9 ago. 2010

SEPTIEMBRE Y MI PRIMER AMOR




“Yo creía poseer infinitos corazones. Y, cuando encumbraba un volantín, pensaba, seriamente, que uno de mis corazones salía de paseo por el cielo.” Andrés Sabella





Yo era una mocosa, aún no había llegado a mi adolescencia, soy muy pecosa y el pelo lo tengo del color del cobre, sobresalía entre las niñitas de la calle C.

Mi primer amor fue un adolescente, que acababa de entrar a la universidad.

Un día salimos a la pampa, con mis hermanos a elevar volantines y con mi abuela Antonella, que era quien se encargaba de arreglar y parchar los volantines cuando se nos iban a pique.

Al sentarme en una piedra, me picó un alacrán, en uno de mis glúteos. Desconsolada me puse a llorar. Él, estaba como a cinco metros de donde estaba yo; también elevaba volantines. Se acercó, y me preguntó qué me había sucedido. Yo le mostré la picadura del bicho, sacó un pañuelo y me lo puso en la pierna.


_Apriétalo fuerte, para que el veneno no avance.

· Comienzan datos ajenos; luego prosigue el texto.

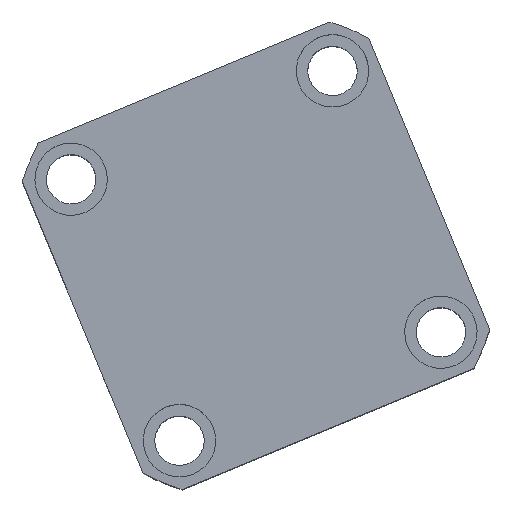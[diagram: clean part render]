
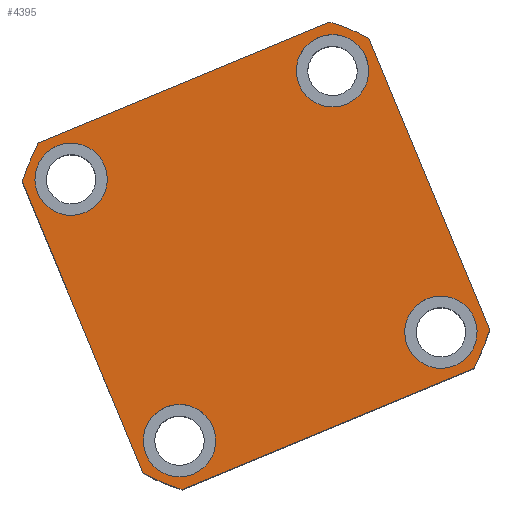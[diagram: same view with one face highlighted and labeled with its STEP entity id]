
A CAD part, top view. The second image highlights one B-rep face of the part: STEP entity #4395.
In plain terms, the highlighted planar face has unit normal (0, 0, 1) as drawn and (0, 0, -1) by its records, which use the part's own axes.
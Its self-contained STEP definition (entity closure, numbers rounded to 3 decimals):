
#179 = CIRCLE ( 'NONE', #6838, 74.5 ) ;
#206 = EDGE_CURVE ( 'NONE', #6737, #10268, #11141, .T. ) ;
#236 = CARTESIAN_POINT ( 'NONE',  ( 0., 0., 0. ) ) ;
#281 = EDGE_CURVE ( 'NONE', #8448, #18012, #15830, .T. ) ;
#445 = CARTESIAN_POINT ( 'NONE',  ( -57., 47.971, 0. ) ) ;
#546 = DIRECTION ( 'NONE',  ( 0., 0., 1. ) ) ;
#673 = AXIS2_PLACEMENT_3D ( 'NONE', #8880, #11787, #12061 ) ;
#789 = CIRCLE ( 'NONE', #11783, 11. ) ;
#790 = CARTESIAN_POINT ( 'NONE',  ( -47.971, 57., 0. ) ) ;
#1115 = DIRECTION ( 'NONE',  ( 0., 0., -1. ) ) ;
#1458 = EDGE_CURVE ( 'NONE', #6188, #15219, #14317, .T. ) ;
#1840 = CARTESIAN_POINT ( 'NONE',  ( -54., 43., 0. ) ) ;
#1842 = DIRECTION ( 'NONE',  ( 1., 0., 0. ) ) ;
#2165 = CARTESIAN_POINT ( 'NONE',  ( 32., -43., 0. ) ) ;
#2267 = VERTEX_POINT ( 'NONE', #1840 ) ;
#2720 = EDGE_LOOP ( 'NONE', ( #15788, #11101 ) ) ;
#2904 = CARTESIAN_POINT ( 'NONE',  ( 0., 0., 0. ) ) ;
#2982 = VECTOR ( 'NONE', #4828, 1000. ) ;
#3146 = DIRECTION ( 'NONE',  ( 0., 0., -1. ) ) ;
#3416 = DIRECTION ( 'NONE',  ( 0., 0., -1. ) ) ;
#3733 = PLANE ( 'NONE',  #20130 ) ;
#3971 = VERTEX_POINT ( 'NONE', #2165 ) ;
#4059 = DIRECTION ( 'NONE',  ( 0., 0., -1. ) ) ;
#4158 = LINE ( 'NONE', #6641, #12062 ) ;
#4177 = AXIS2_PLACEMENT_3D ( 'NONE', #13504, #4059, #15090 ) ;
#4226 = ORIENTED_EDGE ( 'NONE', *, *, #12495, .F. ) ;
#4303 = AXIS2_PLACEMENT_3D ( 'NONE', #5580, #16593, #7156 ) ;
#4395 = ADVANCED_FACE ( 'NONE', ( #11430, #19782, #19298, #7704, #15102 ), #3733, .F. ) ;
#4487 = DIRECTION ( 'NONE',  ( 1., 0., 0. ) ) ;
#4637 = CARTESIAN_POINT ( 'NONE',  ( 43., -43., 0. ) ) ;
#4773 = CARTESIAN_POINT ( 'NONE',  ( -32., -43., 0. ) ) ;
#4828 = DIRECTION ( 'NONE',  ( 0., -1., 0. ) ) ;
#5225 = VECTOR ( 'NONE', #11464, 1000. ) ;
#5227 = VERTEX_POINT ( 'NONE', #10396 ) ;
#5241 = ORIENTED_EDGE ( 'NONE', *, *, #5726, .F. ) ;
#5330 = CARTESIAN_POINT ( 'NONE',  ( 0., 0., 0. ) ) ;
#5572 = CARTESIAN_POINT ( 'NONE',  ( 43., 43., 0. ) ) ;
#5580 = CARTESIAN_POINT ( 'NONE',  ( 0., 0., 0. ) ) ;
#5726 = EDGE_CURVE ( 'NONE', #10113, #15401, #11406, .T. ) ;
#5884 = CIRCLE ( 'NONE', #11220, 11. ) ;
#6010 = EDGE_CURVE ( 'NONE', #10268, #12267, #18280, .T. ) ;
#6188 = VERTEX_POINT ( 'NONE', #11853 ) ;
#6246 = DIRECTION ( 'NONE',  ( -1., 0., 0. ) ) ;
#6641 = CARTESIAN_POINT ( 'NONE',  ( -57., 57., 0. ) ) ;
#6648 = DIRECTION ( 'NONE',  ( 0., 0., -1. ) ) ;
#6726 = ORIENTED_EDGE ( 'NONE', *, *, #16911, .F. ) ;
#6737 = VERTEX_POINT ( 'NONE', #12894 ) ;
#6838 = AXIS2_PLACEMENT_3D ( 'NONE', #236, #11301, #1842 ) ;
#6855 = DIRECTION ( 'NONE',  ( -1., 0., 0. ) ) ;
#6885 = AXIS2_PLACEMENT_3D ( 'NONE', #12594, #3146, #14196 ) ;
#6905 = DIRECTION ( 'NONE',  ( 1., 0., 0. ) ) ;
#7050 = AXIS2_PLACEMENT_3D ( 'NONE', #11654, #11031, #8599 ) ;
#7149 = DIRECTION ( 'NONE',  ( -1., 0., 0. ) ) ;
#7156 = DIRECTION ( 'NONE',  ( 1., 0., 0. ) ) ;
#7161 = ORIENTED_EDGE ( 'NONE', *, *, #18673, .F. ) ;
#7263 = VECTOR ( 'NONE', #19196, 1000. ) ;
#7345 = EDGE_CURVE ( 'NONE', #12267, #5227, #179, .T. ) ;
#7704 = FACE_BOUND ( 'NONE', #2720, .T. ) ;
#7729 = EDGE_CURVE ( 'NONE', #12869, #10113, #9308, .T. ) ;
#7988 = EDGE_LOOP ( 'NONE', ( #18475, #9611, #12817, #6726, #9913, #5241, #8434, #4226 ) ) ;
#8148 = ORIENTED_EDGE ( 'NONE', *, *, #19095, .F. ) ;
#8317 = CARTESIAN_POINT ( 'NONE',  ( -47.971, -57., 0. ) ) ;
#8385 = CARTESIAN_POINT ( 'NONE',  ( -57., -47.971, 0. ) ) ;
#8434 = ORIENTED_EDGE ( 'NONE', *, *, #7729, .F. ) ;
#8448 = VERTEX_POINT ( 'NONE', #14040 ) ;
#8454 = AXIS2_PLACEMENT_3D ( 'NONE', #12871, #3416, #14453 ) ;
#8599 = DIRECTION ( 'NONE',  ( -1., 0., 0. ) ) ;
#8755 = CARTESIAN_POINT ( 'NONE',  ( 43., 43., 0. ) ) ;
#8799 = VERTEX_POINT ( 'NONE', #10495 ) ;
#8880 = CARTESIAN_POINT ( 'NONE',  ( 0., 0., 0. ) ) ;
#9115 = ORIENTED_EDGE ( 'NONE', *, *, #281, .F. ) ;
#9183 = EDGE_CURVE ( 'NONE', #2267, #12376, #17683, .T. ) ;
#9308 = CIRCLE ( 'NONE', #4303, 74.5 ) ;
#9611 = ORIENTED_EDGE ( 'NONE', *, *, #6010, .F. ) ;
#9768 = EDGE_LOOP ( 'NONE', ( #9115, #8148 ) ) ;
#9872 = ORIENTED_EDGE ( 'NONE', *, *, #12864, .F. ) ;
#9913 = ORIENTED_EDGE ( 'NONE', *, *, #13787, .F. ) ;
#9975 = LINE ( 'NONE', #16182, #7263 ) ;
#10113 = VERTEX_POINT ( 'NONE', #445 ) ;
#10147 = VERTEX_POINT ( 'NONE', #8317 ) ;
#10268 = VERTEX_POINT ( 'NONE', #13348 ) ;
#10396 = CARTESIAN_POINT ( 'NONE',  ( 47.971, 57., 0. ) ) ;
#10404 = AXIS2_PLACEMENT_3D ( 'NONE', #2904, #13952, #4487 ) ;
#10495 = CARTESIAN_POINT ( 'NONE',  ( 54., -43., 0. ) ) ;
#10559 = CARTESIAN_POINT ( 'NONE',  ( -43., -43., 0. ) ) ;
#11031 = DIRECTION ( 'NONE',  ( 0., 0., -1. ) ) ;
#11037 = CARTESIAN_POINT ( 'NONE',  ( -57., 57., 0. ) ) ;
#11101 = ORIENTED_EDGE ( 'NONE', *, *, #16758, .F. ) ;
#11141 = CIRCLE ( 'NONE', #673, 74.5 ) ;
#11220 = AXIS2_PLACEMENT_3D ( 'NONE', #5572, #16586, #7149 ) ;
#11301 = DIRECTION ( 'NONE',  ( 0., 0., 1. ) ) ;
#11406 = LINE ( 'NONE', #11037, #2982 ) ;
#11430 = FACE_BOUND ( 'NONE', #9768, .T. ) ;
#11464 = DIRECTION ( 'NONE',  ( 0., 1., 0. ) ) ;
#11654 = CARTESIAN_POINT ( 'NONE',  ( -43., -43., 0. ) ) ;
#11779 = AXIS2_PLACEMENT_3D ( 'NONE', #8755, #6648, #6855 ) ;
#11783 = AXIS2_PLACEMENT_3D ( 'NONE', #10559, #1115, #12166 ) ;
#11787 = DIRECTION ( 'NONE',  ( 0., 0., 1. ) ) ;
#11853 = CARTESIAN_POINT ( 'NONE',  ( 54., 43., 0. ) ) ;
#11857 = ORIENTED_EDGE ( 'NONE', *, *, #15759, .F. ) ;
#12061 = DIRECTION ( 'NONE',  ( 1., 0., 0. ) ) ;
#12062 = VECTOR ( 'NONE', #17662, 1000. ) ;
#12166 = DIRECTION ( 'NONE',  ( -1., 0., 0. ) ) ;
#12267 = VERTEX_POINT ( 'NONE', #20448 ) ;
#12376 = VERTEX_POINT ( 'NONE', #12868 ) ;
#12495 = EDGE_CURVE ( 'NONE', #5227, #12869, #4158, .T. ) ;
#12576 = ORIENTED_EDGE ( 'NONE', *, *, #1458, .F. ) ;
#12594 = CARTESIAN_POINT ( 'NONE',  ( 43., -43., 0. ) ) ;
#12817 = ORIENTED_EDGE ( 'NONE', *, *, #206, .F. ) ;
#12864 = EDGE_CURVE ( 'NONE', #15219, #6188, #5884, .T. ) ;
#12868 = CARTESIAN_POINT ( 'NONE',  ( -32., 43., 0. ) ) ;
#12869 = VERTEX_POINT ( 'NONE', #790 ) ;
#12871 = CARTESIAN_POINT ( 'NONE',  ( -43., 43., 0. ) ) ;
#12894 = CARTESIAN_POINT ( 'NONE',  ( 47.971, -57., 0. ) ) ;
#13037 = CARTESIAN_POINT ( 'NONE',  ( 57., 57., 0. ) ) ;
#13348 = CARTESIAN_POINT ( 'NONE',  ( 57., -47.971, 0. ) ) ;
#13504 = CARTESIAN_POINT ( 'NONE',  ( -43., 43., 0. ) ) ;
#13787 = EDGE_CURVE ( 'NONE', #15401, #10147, #14272, .T. ) ;
#13952 = DIRECTION ( 'NONE',  ( 0., 0., 1. ) ) ;
#14040 = CARTESIAN_POINT ( 'NONE',  ( -54., -43., 0. ) ) ;
#14196 = DIRECTION ( 'NONE',  ( -1., 0., 0. ) ) ;
#14272 = CIRCLE ( 'NONE', #10404, 74.5 ) ;
#14317 = CIRCLE ( 'NONE', #11779, 11. ) ;
#14453 = DIRECTION ( 'NONE',  ( -1., 0., 0. ) ) ;
#14947 = EDGE_LOOP ( 'NONE', ( #9872, #12576 ) ) ;
#15090 = DIRECTION ( 'NONE',  ( -1., 0., 0. ) ) ;
#15102 = FACE_OUTER_BOUND ( 'NONE', #7988, .T. ) ;
#15219 = VERTEX_POINT ( 'NONE', #17025 ) ;
#15401 = VERTEX_POINT ( 'NONE', #8385 ) ;
#15643 = CIRCLE ( 'NONE', #8454, 11. ) ;
#15683 = DIRECTION ( 'NONE',  ( 0., 0., -1. ) ) ;
#15759 = EDGE_CURVE ( 'NONE', #3971, #8799, #16126, .T. ) ;
#15788 = ORIENTED_EDGE ( 'NONE', *, *, #9183, .F. ) ;
#15830 = CIRCLE ( 'NONE', #7050, 11. ) ;
#16126 = CIRCLE ( 'NONE', #16250, 11. ) ;
#16182 = CARTESIAN_POINT ( 'NONE',  ( -57., -57., 0. ) ) ;
#16250 = AXIS2_PLACEMENT_3D ( 'NONE', #4637, #15683, #6246 ) ;
#16370 = CIRCLE ( 'NONE', #6885, 11. ) ;
#16586 = DIRECTION ( 'NONE',  ( 0., 0., -1. ) ) ;
#16593 = DIRECTION ( 'NONE',  ( 0., 0., 1. ) ) ;
#16758 = EDGE_CURVE ( 'NONE', #12376, #2267, #15643, .T. ) ;
#16911 = EDGE_CURVE ( 'NONE', #10147, #6737, #9975, .T. ) ;
#17025 = CARTESIAN_POINT ( 'NONE',  ( 32., 43., 0. ) ) ;
#17140 = EDGE_LOOP ( 'NONE', ( #11857, #7161 ) ) ;
#17662 = DIRECTION ( 'NONE',  ( -1., 0., 0. ) ) ;
#17683 = CIRCLE ( 'NONE', #4177, 11. ) ;
#18012 = VERTEX_POINT ( 'NONE', #4773 ) ;
#18280 = LINE ( 'NONE', #13037, #5225 ) ;
#18475 = ORIENTED_EDGE ( 'NONE', *, *, #7345, .F. ) ;
#18673 = EDGE_CURVE ( 'NONE', #8799, #3971, #16370, .T. ) ;
#19095 = EDGE_CURVE ( 'NONE', #18012, #8448, #789, .T. ) ;
#19196 = DIRECTION ( 'NONE',  ( 1., 0., 0. ) ) ;
#19298 = FACE_BOUND ( 'NONE', #14947, .T. ) ;
#19782 = FACE_BOUND ( 'NONE', #17140, .T. ) ;
#20130 = AXIS2_PLACEMENT_3D ( 'NONE', #5330, #546, #6905 ) ;
#20448 = CARTESIAN_POINT ( 'NONE',  ( 57., 47.971, 0. ) ) ;

Entonces mi llanto fue más fuerte. Secó mis lágrimas con sus labios a modo de caricia y me dio un beso; mi primer beso de amor cerca de la comisura de mi boca.


_Ya no llore más pecosita hermosa, mira, enviaré un mensaje en mi volantín a los dioses que están en el cielo. O si quieres a la China.


Dejé de llorar... y le miré embobada.


_ ¿Me dirás que deseo pediste? .Le pregunté llorosa.


_Sí, le he pedido, que cuando tú seas grande te cases conmigo; y me guiño un ojo.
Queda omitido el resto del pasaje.